Perhaps, if he would allow it, the I Ching would free him. And while that would be more mercy than he deserved, he still resisted. He didn't want to … he couldn't surrender to what the wands tried to show him—that Rachel was truly lost to him—that losing Rachel and all she represented was his penance—the price he must pay for his misdeeds. If so, it was cruel justice indeed.

Maybe Barnabas was wrong and no guide was needed for the I Ching. Maybe the I Ching itself was the guide. The I Ching had offered Barnabas a chance to atone for his past. By bringing him here to lift the curse, perhaps it offered Barnabas some measure of peace, or perhaps Barnabas had yet to divine the I Ching's true purpose for him. It was hubris that convinced Barnabas that he could act as Quentin's guide.
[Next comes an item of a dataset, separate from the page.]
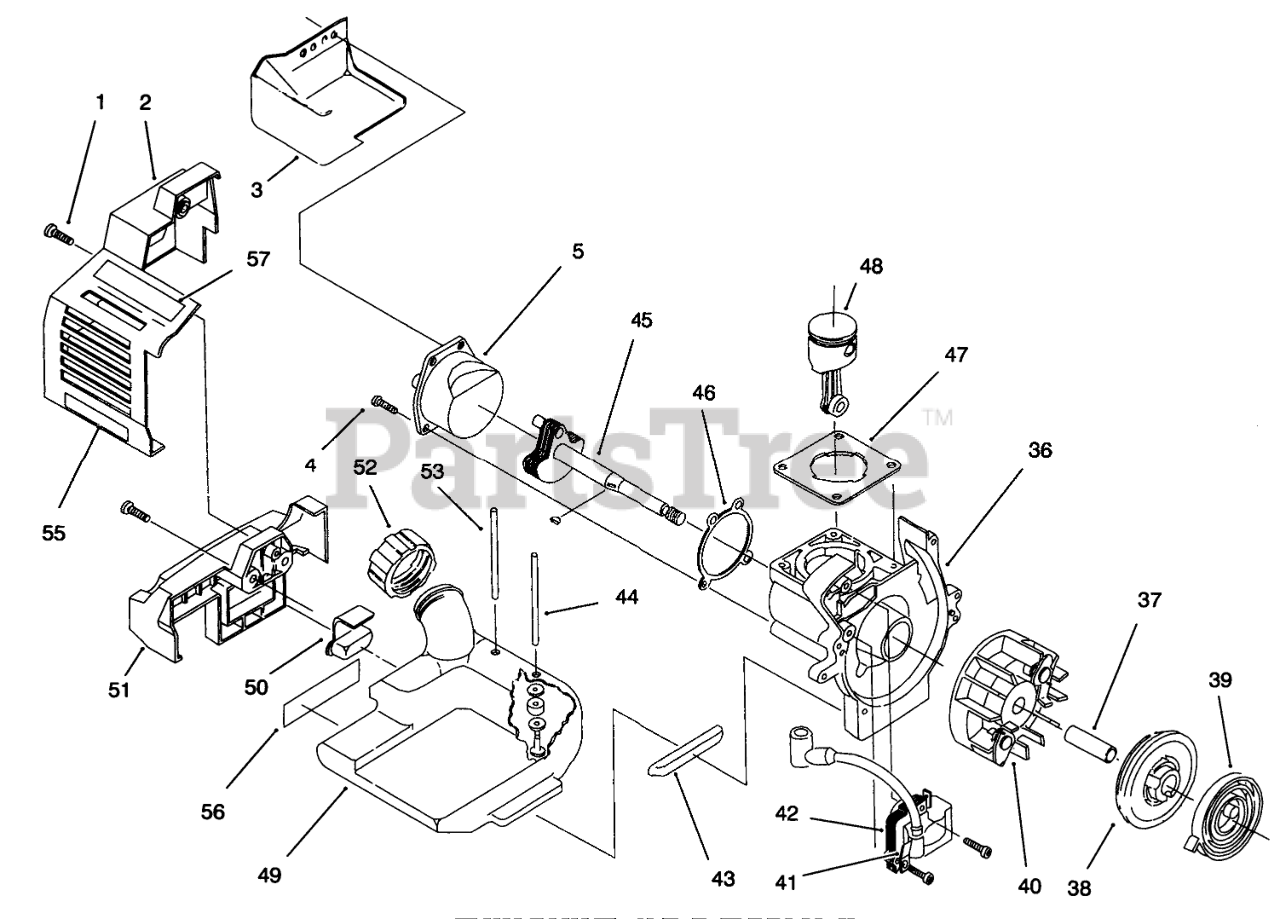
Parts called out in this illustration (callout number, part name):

He could clearly see now that no guide was needed.

Suddenly, weariness suffused his entire body. All at once, the physical dissipation that characterized grief overtook him. He released the wands onto the table and tacitly yielded to their will.

The wands tumbled out gently before him. Almost of their own volition, they formed a hexagram. He stared at it for what seemed a long time, and yet nothing happened. He closed his eyes and he could picture the hexagram like an image seared on the back of his eyelids. There was only darkness and the image of the hexagram—and yet, he felt movement. It was as though the hexagram itself was carrying him forward. There was no pinprick of light, just the wands—just the hexagram. So he followed it on through a narrow corridor of darkness, until it was clear where it was leading him. There was a door—a double set of doors just ahead. And just as the doors came into view, the image of the hexagram came apart, as though it scattered itself across his mind's eye, just as he had scattered the wands across the table earlier. Then they were gone and all that remained was to open the doors.